Switcheo, a Singapore-based decentralized exchange that offers trading markets on the NEO, Ethereum, and EOS blockchains, recently released details of its upcoming standalone blockchain, Switcheo Chain. Key new design features for the Switcheo Chain include a token staking model to distribute revenue and a Tendermint consensus algorithm. Tendermint has been described as a “Byzantine Fault Tolerance-based Proof of Stake” consensus mechanism.
Switcheo Chain is designed as an “order-matching side-chain” with a primary purpose of moving the Switcheo Exchange matching engine away from a centralized server, and onto its more decentralized network of validating nodes. However, Switcheo’s markets and orders will still be hosted and filled directly in the smart contracts of the main chains (NEO, ETH, and EOS).
After looking back at the performance of its current token-burning (deflationary) economic model, Switcheo announced certain specifications of its upcoming Switcheo Chain, and explained the reasoning behind some of its design decisions.
One of the most important decisions is the move to a standalone blockchain, previously covered by NEO News Today in September 2018; at the time, Switcheo concluded that a specialized blockchain with a native token would be necessary for operating “a truly decentralized and trustless cross-chain exchange.” The team went on to design the upcoming Switcheo Chain with validating nodes, each of which will be required to stake Switcheo tokens as a bond. These bonded tokens can be revoked and burned if front-running trade activity or improper order matching is discovered.
Switcheo also noted that although it would prefer to keep its SWTH token on the NEO blockchain, “a token swap to the side-chain may be required” for more complete decentralization. According to Switcheo, a token swap to the standalone Switcheo Chain ensures that the validator nodes’ bonded tokens can be burned if necessary.

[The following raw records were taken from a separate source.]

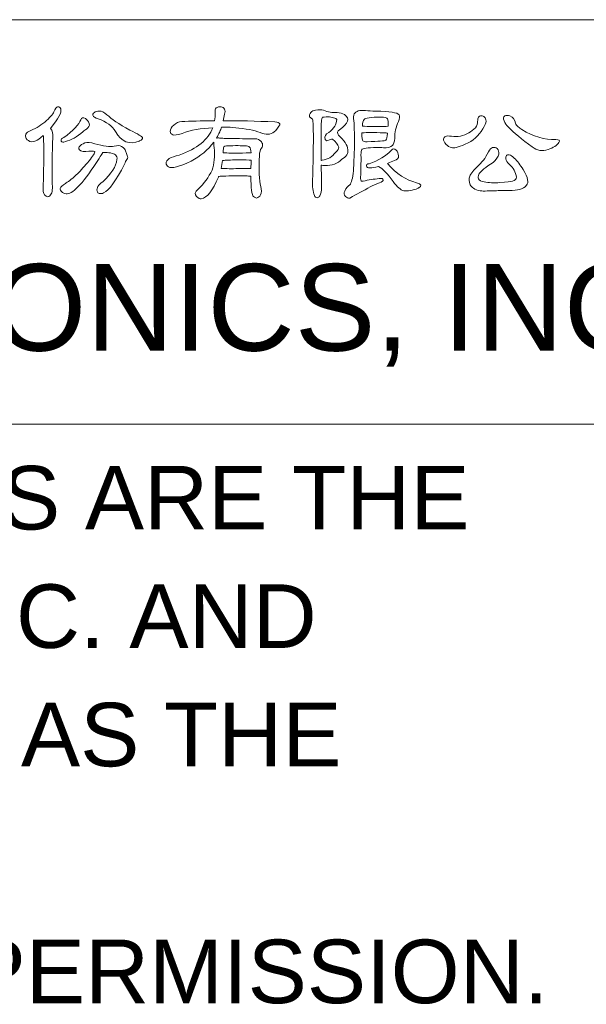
# Model space of a CAD drawing. Extents: x 879 to 1770, y -20 to 610.
# Tile 19 of 24: x 1561 to 1591, y 34 to 85. Entities that reach past the tile are written whole.
import ezdxf

# ---------------------------------------------------------------- set-up
doc = ezdxf.new("R2010")
doc.units = 0
doc.header["$LTSCALE"] = 2
doc.header["$MEASUREMENT"] = 0
doc.layers.get('0').update_dxf_attribs({"linetype": 'CONTINUOUS'})
doc.styles.add('TEXTSTYLE_1', font='arial.ttf')

msp = doc.modelspace()

# ---------------------------------------------------------------- linework, layer by layer
at = {"linetype": 'Continuous', "lineweight": 5}
for p, q in [((1462.158, 84.697), (1747.158, 84.697)), ((1462.158, 63.697), (1747.158, 63.697))]:
    msp.add_line(p, q, dxfattribs=at)
for points, knots in [([(1562.54, 78.679), (1562.54, 78.675), (1562.542, 78.669), (1562.545, 78.66), (1562.545, 78.66), (1562.572, 78.096), (1562.569, 77.224), (1562.54, 76.045), (1562.54, 76.045), (1562.522, 75.823), (1562.542, 75.675), (1562.597, 75.603), (1562.597, 75.603), (1562.717, 75.483), (1562.813, 75.466), (1562.885, 75.551), (1562.885, 75.551), (1562.993, 75.658), (1563.033, 75.859), (1563.007, 76.154), (1563.007, 76.154), (1562.982, 76.974), (1562.993, 77.784), (1563.04, 78.583), (1563.04, 78.583), (1563.052, 78.775), (1563.011, 78.931), (1562.917, 79.051), (1562.917, 79.051), (1563.319, 79.542), (1563.497, 79.882), (1563.45, 80.07), (1563.45, 80.07), (1563.419, 80.151), (1563.363, 80.185), (1563.283, 80.173), (1563.283, 80.173), (1563.219, 80.155), (1563.155, 80.068), (1563.09, 79.909), (1563.09, 79.909), (1563.035, 79.781), (1562.877, 79.604), (1562.616, 79.378), (1562.616, 79.378), (1562.356, 79.169), (1562.08, 79.006), (1561.789, 78.891), (1561.789, 78.891), (1561.682, 78.86), (1561.625, 78.784), (1561.617, 78.66), (1561.617, 78.66), (1561.617, 78.557), (1561.666, 78.476), (1561.764, 78.416), (1561.764, 78.416), (1561.87, 78.348), (1562.001, 78.342), (1562.155, 78.398), (1562.155, 78.398), (1562.236, 78.44), (1562.364, 78.534), (1562.54, 78.679)], [0, 0, 0, 0, 0.0625, 0.0625, 0.0625, 0.0625, 0.125, 0.125, 0.125, 0.125, 0.1875, 0.1875, 0.1875, 0.1875, 0.25, 0.25, 0.25, 0.25, 0.3125, 0.3125, 0.3125, 0.3125, 0.375, 0.375, 0.375, 0.375, 0.4375, 0.4375, 0.4375, 0.4375, 0.5, 0.5, 0.5, 0.5, 0.5625, 0.5625, 0.5625, 0.5625, 0.625, 0.625, 0.625, 0.625, 0.6875, 0.6875, 0.6875, 0.6875, 0.75, 0.75, 0.75, 0.75, 0.8125, 0.8125, 0.8125, 0.8125, 0.875, 0.875, 0.875, 0.875, 0.9375, 0.9375, 0.9375, 0.9375, 1, 1, 1, 1]), ([(1565.385, 79.55), (1565.821, 79.393), (1566.12, 79.173), (1566.282, 78.891), (1566.282, 78.891), (1566.602, 78.353), (1567.017, 78.185), (1567.526, 78.391), (1567.526, 78.391), (1567.53, 78.395), (1567.541, 78.4), (1567.557, 78.403), (1567.557, 78.403), (1567.651, 78.447), (1567.696, 78.501), (1567.692, 78.57), (1567.692, 78.57), (1567.689, 78.622), (1567.468, 78.754), (1567.032, 78.967), (1567.032, 78.967), (1566.456, 79.279), (1566.06, 79.544), (1565.847, 79.763), (1565.847, 79.763), (1565.701, 79.895), (1565.569, 79.959), (1565.449, 79.954), (1565.449, 79.954), (1565.329, 79.951), (1565.244, 79.927), (1565.192, 79.884), (1565.192, 79.884), (1565.111, 79.815), (1565.089, 79.754), (1565.122, 79.698), (1565.122, 79.698), (1565.14, 79.655), (1565.227, 79.606), (1565.385, 79.55)], [0, 0, 0, 0, 0.1, 0.1, 0.1, 0.1, 0.2, 0.2, 0.2, 0.2, 0.3, 0.3, 0.3, 0.3, 0.4, 0.4, 0.4, 0.4, 0.5, 0.5, 0.5, 0.5, 0.6, 0.6, 0.6, 0.6, 0.7, 0.7, 0.7, 0.7, 0.8, 0.8, 0.8, 0.8, 0.9, 0.9, 0.9, 0.9, 1, 1, 1, 1]), ([(1571.65, 76.551), (1571.679, 76.569), (1571.979, 76.581), (1572.547, 76.589), (1572.547, 76.589), (1572.945, 76.594), (1573.203, 76.585), (1573.322, 76.564), (1573.322, 76.564), (1573.322, 75.948), (1573.369, 75.596), (1573.463, 75.506), (1573.463, 75.506), (1573.515, 75.464), (1573.566, 75.44), (1573.618, 75.436), (1573.618, 75.436), (1573.707, 75.453), (1573.777, 75.509), (1573.829, 75.603), (1573.829, 75.603), (1573.88, 75.71), (1573.882, 75.852), (1573.835, 76.033), (1573.835, 76.033), (1573.746, 76.34), (1573.725, 76.88), (1573.772, 77.654), (1573.772, 77.654), (1573.772, 77.808), (1573.806, 77.932), (1573.873, 78.026), (1573.873, 78.026), (1573.916, 78.093), (1573.936, 78.156), (1573.931, 78.212), (1573.931, 78.212), (1573.918, 78.279), (1573.887, 78.34), (1573.835, 78.391), (1573.835, 78.391), (1573.767, 78.472), (1573.669, 78.512), (1573.541, 78.512), (1573.541, 78.512), (1573.463, 78.512), (1573.192, 78.515), (1572.726, 78.519), (1572.726, 78.519), (1572.214, 78.523), (1571.914, 78.53), (1571.829, 78.539), (1571.829, 78.539), (1571.726, 78.551), (1571.656, 78.557), (1571.618, 78.557), (1571.618, 78.557), (1571.587, 78.557), (1571.56, 78.551), (1571.535, 78.539), (1571.535, 78.539), (1571.667, 78.781), (1571.757, 78.974), (1571.804, 79.115), (1571.804, 79.115), (1571.936, 79.132), (1572.235, 79.115), (1572.701, 79.064), (1572.701, 79.064), (1573.23, 79.008), (1573.636, 78.916), (1573.918, 78.788), (1573.918, 78.788), (1574.187, 78.698), (1574.418, 78.75), (1574.611, 78.942), (1574.611, 78.942), (1574.769, 79.126), (1574.839, 79.241), (1574.822, 79.288), (1574.822, 79.288), (1574.805, 79.344), (1574.72, 79.375), (1574.566, 79.384), (1574.566, 79.384), (1573.566, 79.436), (1572.671, 79.454), (1571.88, 79.442), (1571.88, 79.442), (1571.898, 79.57), (1571.923, 79.685), (1571.957, 79.788), (1571.957, 79.788), (1571.988, 79.895), (1571.985, 79.985), (1571.95, 80.057), (1571.95, 80.057), (1571.908, 80.122), (1571.851, 80.158), (1571.778, 80.166), (1571.778, 80.166), (1571.676, 80.179), (1571.587, 80.162), (1571.515, 80.115), (1571.515, 80.115), (1571.472, 80.072), (1571.455, 79.983), (1571.464, 79.846), (1571.464, 79.846), (1571.468, 79.73), (1571.459, 79.595), (1571.439, 79.442), (1571.439, 79.442), (1570.72, 79.442), (1570.152, 79.429), (1569.733, 79.404), (1569.733, 79.404), (1569.567, 79.391), (1569.428, 79.331), (1569.316, 79.223), (1569.316, 79.223), (1569.197, 79.117), (1569.137, 79.008), (1569.137, 78.897), (1569.137, 78.897), (1569.141, 78.815), (1569.182, 78.759), (1569.26, 78.723), (1569.26, 78.723), (1569.327, 78.681), (1569.491, 78.705), (1569.753, 78.795), (1569.753, 78.795), (1570.201, 78.961), (1570.731, 79.057), (1571.342, 79.083), (1571.342, 79.083), (1571.111, 78.468), (1570.531, 77.995), (1569.599, 77.667), (1569.599, 77.667), (1569.137, 77.564), (1568.911, 77.421), (1568.919, 77.237), (1568.919, 77.237), (1568.924, 77.169), (1568.964, 77.107), (1569.041, 77.051), (1569.041, 77.051), (1569.208, 76.948), (1569.599, 77.051), (1570.214, 77.358), (1570.214, 77.358), (1570.701, 77.607), (1571.096, 77.934), (1571.4, 78.34), (1571.4, 78.34), (1571.387, 78.271), (1571.391, 78.174), (1571.412, 78.051), (1571.412, 78.051), (1571.455, 77.602), (1571.419, 77.212), (1571.304, 76.878), (1571.304, 76.878), (1571.125, 76.519), (1570.887, 76.192), (1570.592, 75.897), (1570.592, 75.897), (1570.412, 75.744), (1570.381, 75.616), (1570.496, 75.513), (1570.496, 75.513), (1570.59, 75.423), (1570.673, 75.383), (1570.746, 75.392), (1570.746, 75.392), (1571.04, 75.442), (1571.338, 75.818), (1571.637, 76.519), (1571.637, 76.519), (1571.637, 76.532), (1571.641, 76.542), (1571.65, 76.551)], [0, 0, 0, 0, 0.021739, 0.021739, 0.021739, 0.021739, 0.043478, 0.043478, 0.043478, 0.043478, 0.065217, 0.065217, 0.065217, 0.065217, 0.086957, 0.086957, 0.086957, 0.086957, 0.108696, 0.108696, 0.108696, 0.108696, 0.130435, 0.130435, 0.130435, 0.130435, 0.152174, 0.152174, 0.152174, 0.152174, 0.173913, 0.173913, 0.173913, 0.173913, 0.195652, 0.195652, 0.195652, 0.195652, 0.217391, 0.217391, 0.217391, 0.217391, 0.23913, 0.23913, 0.23913, 0.23913, 0.26087, 0.26087, 0.26087, 0.26087, 0.282609, 0.282609, 0.282609, 0.282609, 0.304348, 0.304348, 0.304348, 0.304348, 0.326087, 0.326087, 0.326087, 0.326087, 0.347826, 0.347826, 0.347826, 0.347826, 0.369565, 0.369565, 0.369565, 0.369565, 0.391304, 0.391304, 0.391304, 0.391304, 0.413043, 0.413043, 0.413043, 0.413043, 0.434783, 0.434783, 0.434783, 0.434783, 0.456522, 0.456522, 0.456522, 0.456522, 0.478261, 0.478261, 0.478261, 0.478261, 0.5, 0.5, 0.5, 0.5, 0.521739, 0.521739, 0.521739, 0.521739, 0.543478, 0.543478, 0.543478, 0.543478, 0.565217, 0.565217, 0.565217, 0.565217, 0.586957, 0.586957, 0.586957, 0.586957, 0.608696, 0.608696, 0.608696, 0.608696, 0.630435, 0.630435, 0.630435, 0.630435, 0.652174, 0.652174, 0.652174, 0.652174, 0.673913, 0.673913, 0.673913, 0.673913, 0.695652, 0.695652, 0.695652, 0.695652, 0.717391, 0.717391, 0.717391, 0.717391, 0.73913, 0.73913, 0.73913, 0.73913, 0.76087, 0.76087, 0.76087, 0.76087, 0.782609, 0.782609, 0.782609, 0.782609, 0.804348, 0.804348, 0.804348, 0.804348, 0.826087, 0.826087, 0.826087, 0.826087, 0.847826, 0.847826, 0.847826, 0.847826, 0.869565, 0.869565, 0.869565, 0.869565, 0.891304, 0.891304, 0.891304, 0.891304, 0.913043, 0.913043, 0.913043, 0.913043, 0.934783, 0.934783, 0.934783, 0.934783, 0.956522, 0.956522, 0.956522, 0.956522, 0.978261, 0.978261, 0.978261, 0.978261, 1, 1, 1, 1]), ([(1576.529, 79.538), (1576.581, 79.294), (1576.581, 78.224), (1576.529, 76.327), (1576.529, 76.327), (1576.513, 76.028), (1576.543, 75.773), (1576.619, 75.564), (1576.619, 75.564), (1576.65, 75.487), (1576.699, 75.448), (1576.767, 75.448), (1576.767, 75.448), (1576.823, 75.448), (1576.87, 75.483), (1576.908, 75.551), (1576.908, 75.551), (1576.964, 75.658), (1576.991, 75.802), (1576.991, 75.981), (1576.991, 75.981), (1576.987, 76.403), (1576.982, 76.793), (1576.979, 77.147), (1576.979, 77.147), (1577.022, 77.134), (1577.083, 77.124), (1577.164, 77.116), (1577.164, 77.116), (1577.536, 77.12), (1577.831, 77.23), (1578.049, 77.448), (1578.049, 77.448), (1578.284, 77.589), (1578.389, 77.754), (1578.363, 77.942), (1578.363, 77.942), (1578.333, 78.185), (1578.17, 78.438), (1577.876, 78.698), (1577.876, 78.698), (1577.799, 78.806), (1577.814, 78.9), (1577.921, 78.981), (1577.921, 78.981), (1578.399, 79.301), (1578.485, 79.566), (1578.177, 79.775), (1578.177, 79.775), (1578.083, 79.831), (1577.959, 79.862), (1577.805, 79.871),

Switcheo also stated that its tokens will be used for “automated listings.” This functionality would allow a project seeking to list its token on Switcheo to do so by burning Switcheo Chain tokens, and depositing a liquidity pool for the trading pair, so that automated market makers can offer Uniswap-style algorithmic pricing.
Switcheo also notes that tokens burned as listing fees will maintain a deflationary component to its token economics, despite the fact that SWTH trading fees will no longer be burned.
Switcheo has announced that it is actively working on a major whitepaper update. This second version of the Switcheo whitepaper aims to offer a more complete introduction to Switcheo Chain and the Switcheo Token.
SWH to SWTH Token Swap
Finally, Switcheo announced that its May 2018 SWH to SWTH token swap will close at the end of July 2019. Ivan Poon, Switcheo CEO, noted that “the swap has already been running for more than a year,” and added, “We will have to stop allowing swaps by the end of July to ensure any potential swap to a side-chain can be done as smoothly as possible. All unclaimed tokens will be burnt.”